BakedBeansforabrain · 04/12/2025 13:19

SalmonOnFinnCrisp · 04/12/2025 13:02

Is your sibling male or female and are you close?

How old are the kids - youngest is under 2 if they are 3 or older 2hrs is nothing

I’m getting vibes that he is male

reabies · 04/12/2025 13:21

I kind of think you have to just make peace with what they deem to be ok for them. Maybe the partner doesn't like you, or your partner, or your home, or travelling, or whatever other reason it is. And yep maybe that hurts, that they wouldn't make the effort to get past their dislike for a family get together. But...it's your family, not the partner's family. If your sibling is ok just bringing one child down at a time, then maybe that's what you just have to accept. And if you want the full get together you suck it up and you visit them.

I hope this doesn't sound as blunt as it likely does. I say it because we have had similar revelations in our family this year. And just accepting that some people don't give a shit about coming to see us has actually felt like a bit of a weight lifted. And given me permission to 'match energy' and realise actually then, we probably won't go out of our way to visit you either.
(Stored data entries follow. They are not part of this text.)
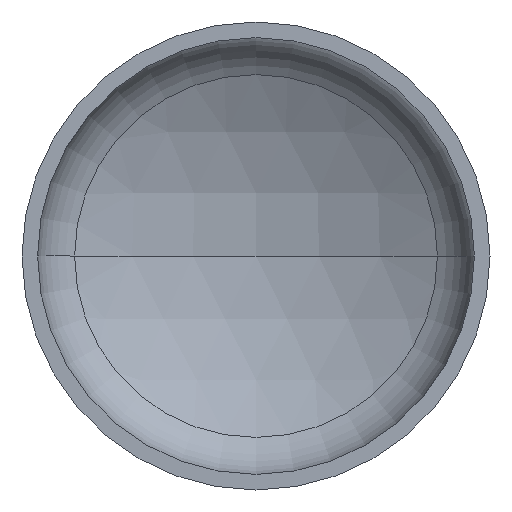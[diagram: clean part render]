
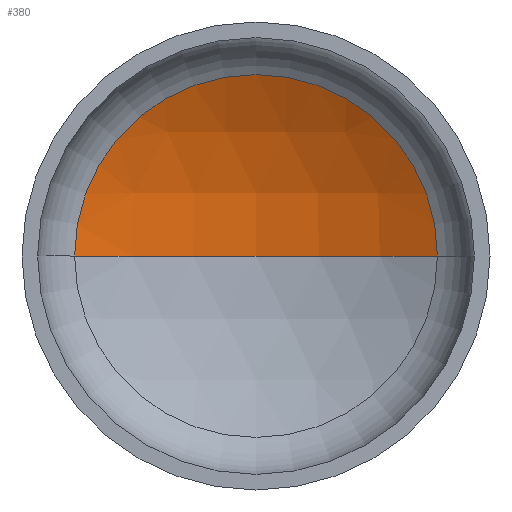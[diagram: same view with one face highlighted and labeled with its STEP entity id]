
A CAD part, front view. The second image highlights one B-rep face of the part: STEP entity #380.
In plain terms, the highlighted spherical face has radius 1200 mm.
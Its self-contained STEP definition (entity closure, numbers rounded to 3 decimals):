
#3 = AXIS2_PLACEMENT_3D ( 'NONE', #66, #90, #195 ) ;
#11 = AXIS2_PLACEMENT_3D ( 'NONE', #250, #118, #183 ) ;
#13 = AXIS2_PLACEMENT_3D ( 'NONE', #111, #113, #154 ) ;
#18 = AXIS2_PLACEMENT_3D ( 'NONE', #95, #97, #109 ) ;
#66 = CARTESIAN_POINT ( 'NONE',  ( 0., -698.528, 0. ) ) ;
#68 = CIRCLE ( 'NONE', #11, 1200. ) ;
#76 = ORIENTED_EDGE ( 'NONE', *, *, #327, .F. ) ;
#89 = EDGE_LOOP ( 'NONE', ( #76, #157, #173 ) ) ;
#90 = DIRECTION ( 'NONE',  ( 0., 0., -1. ) ) ;
#94 = CARTESIAN_POINT ( 'NONE',  ( -581.443, 351.197, 0. ) ) ;
#95 = CARTESIAN_POINT ( 'NONE',  ( 0., -698.528, 0. ) ) ;
#97 = DIRECTION ( 'NONE',  ( 0., 0., 1. ) ) ;
#109 = DIRECTION ( 'NONE',  ( 1., 0., 0. ) ) ;
#111 = CARTESIAN_POINT ( 'NONE',  ( 0., 351.197, 0. ) ) ;
#113 = DIRECTION ( 'NONE',  ( 0., -1., 0. ) ) ;
#118 = DIRECTION ( 'NONE',  ( 0., 0., -1. ) ) ;
#148 = CARTESIAN_POINT ( 'NONE',  ( 0., 501.472, 0. ) ) ;
#154 = DIRECTION ( 'NONE',  ( 1., 0., 0. ) ) ;
#157 = ORIENTED_EDGE ( 'NONE', *, *, #342, .T. ) ;
#161 = VERTEX_POINT ( 'NONE', #383 ) ;
#173 = ORIENTED_EDGE ( 'NONE', *, *, #340, .T. ) ;
#183 = DIRECTION ( 'NONE',  ( -1., 0., 0. ) ) ;
#195 = DIRECTION ( 'NONE',  ( -1., 0., 0. ) ) ;
#200 = VERTEX_POINT ( 'NONE', #94 ) ;
#202 = SPHERICAL_SURFACE ( 'NONE', #3, 1200. ) ;
#210 = VERTEX_POINT ( 'NONE', #148 ) ;
#224 = CIRCLE ( 'NONE', #13, 581.443 ) ;
#250 = CARTESIAN_POINT ( 'NONE',  ( 0., -698.528, 0. ) ) ;
#282 = FACE_OUTER_BOUND ( 'NONE', #89, .T. ) ;
#327 = EDGE_CURVE ( 'NONE', #210, #200, #377, .T. ) ;
#340 = EDGE_CURVE ( 'NONE', #161, #200, #224, .T. ) ;
#342 = EDGE_CURVE ( 'NONE', #210, #161, #68, .T. ) ;
#377 = CIRCLE ( 'NONE', #18, 1200. ) ;
#380 = ADVANCED_FACE ( 'NONE', ( #282 ), #202, .F. ) ;
#383 = CARTESIAN_POINT ( 'NONE',  ( 581.443, 351.197, 0. ) ) ;
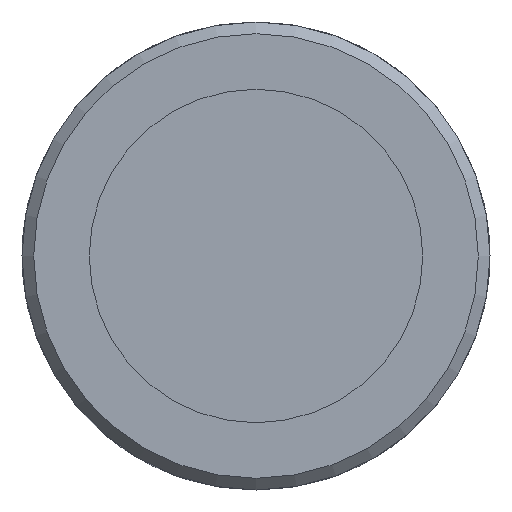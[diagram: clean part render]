
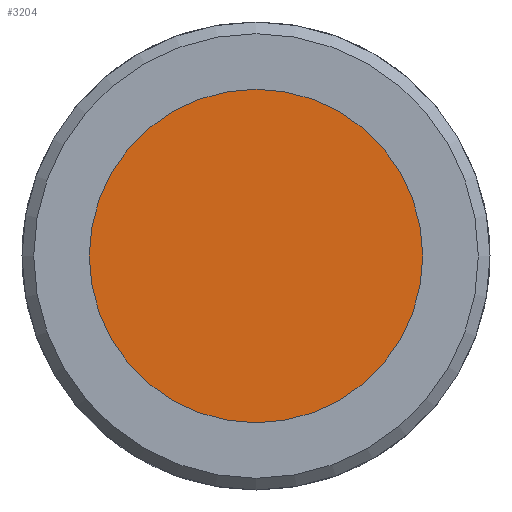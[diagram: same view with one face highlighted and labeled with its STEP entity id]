
A CAD part, left-side view. The second image highlights one B-rep face of the part: STEP entity #3204.
In plain terms, the highlighted planar face has unit normal (-1, 0, 0).
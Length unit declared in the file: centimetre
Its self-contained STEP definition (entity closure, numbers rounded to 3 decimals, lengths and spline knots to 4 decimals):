
#841=CIRCLE('',#3406,2.85);
#934=VERTEX_POINT('',#4161);
#1475=EDGE_CURVE('',#934,#934,#841,.T.);
#1897=ORIENTED_EDGE('',*,*,#1475,.T.);
#2720=EDGE_LOOP('',(#1897));
#2963=FACE_BOUND('',#2720,.T.);
#3204=ADVANCED_FACE('',(#2963),#18512,.T.);
#3406=AXIS2_PLACEMENT_3D('',#4160,#3642,#3643);
#3408=AXIS2_PLACEMENT_3D('',#4164,#3646,$);
#3642=DIRECTION('',(-1.,0.,0.));
#3643=DIRECTION('',(0.,0.,2.85));
#3646=DIRECTION('',(-1.,0.,0.));
#4160=CARTESIAN_POINT('',(0.1,0.,0.));
#4161=CARTESIAN_POINT('',(0.1,0.,2.85));
#4164=CARTESIAN_POINT('',(0.1,0.,0.));
#18512=PLANE('',#3408);

And that's ok.

els1789 · 04/12/2025 16:10

BakedBeansforabrain · 04/12/2025 13:19

I’m getting vibes that he is male

Yep

OP posts:
els1789 · 04/12/2025 16:11

reabies · 04/12/2025 13:21

I kind of think you have to just make peace with what they deem to be ok for them. Maybe the partner doesn't like you, or your partner, or your home, or travelling, or whatever other reason it is. And yep maybe that hurts, that they wouldn't make the effort to get past their dislike for a family get together. But...it's your family, not the partner's family. If your sibling is ok just bringing one child down at a time, then maybe that's what you just have to accept. And if you want the full get together you suck it up and you visit them.

I hope this doesn't sound as blunt as it likely does. I say it because we have had similar revelations in our family this year. And just accepting that some people don't give a shit about coming to see us has actually felt like a bit of a weight lifted. And given me permission to 'match energy' and realise actually then, we probably won't go out of our way to visit you either. And that's ok.

No I totally agree with you. I think I’m 80% there making peace with it. I think it’s just the fact that they get the grandparents (both sides) and then they are terrible with coming to see us. Double whammy lol. I really do think it will be good for me to make peace and realise it’s not going to be how I thought with the family get togethers.

OP posts:
els1789 · 04/12/2025 16:13

SalmonOnFinnCrisp · 04/12/2025 13:02

Is your sibling male or female and are you close?

How old are the kids - youngest is under 2 if they are 3 or older 2hrs is nothing

My sibling is male and overall we have been close. The usual teenage hardly talk to each other but as adults we’ve got on well. We are very different.

Kids are all 6 and 3…. Just 3 though. We have two each.

OP posts:
els1789 · 04/12/2025 16:16

I already know the answer lol. They will just say 2 of them are coming and bagsy a lift off my parents. That’s what they did with my daughter’s party 😆. I think I’m not sure whether to try again for Christmas or just leave it and risk not seeing them. Not that they are bothered 😆

OP posts:
JemimaTiggywinkles · 04/12/2025 16:29

Honestly I think you need to cut right back in your expectations. It’s shit that your sibling doesn’t want family time but you’ll be happier if you accept that. I wouldn’t invite them to stay except as a courtesy very occasionally. They’ve shown they’re not fussed so the only thing you can do is also be not fussed either.

With Christmas I’d say no to visiting your parents tbh. Invite them to you and if they choose to spend the time with your sibling then that’s their (probably painful for you) choice. I wouldn’t be willing to keep putting myself out by going there every Christmas.

itsthetea · 04/12/2025 16:34

We have family members who never visit - they travel the world and then are too busy to visit because they have to catch up with all her family. Every free weekend. Sad but shows you where you stand in their eyes

Shinyandnew1 · 04/12/2025 17:05

Why don't you do a group message with everyone asking for a date over Xmas when they are free to come to yours for dinner?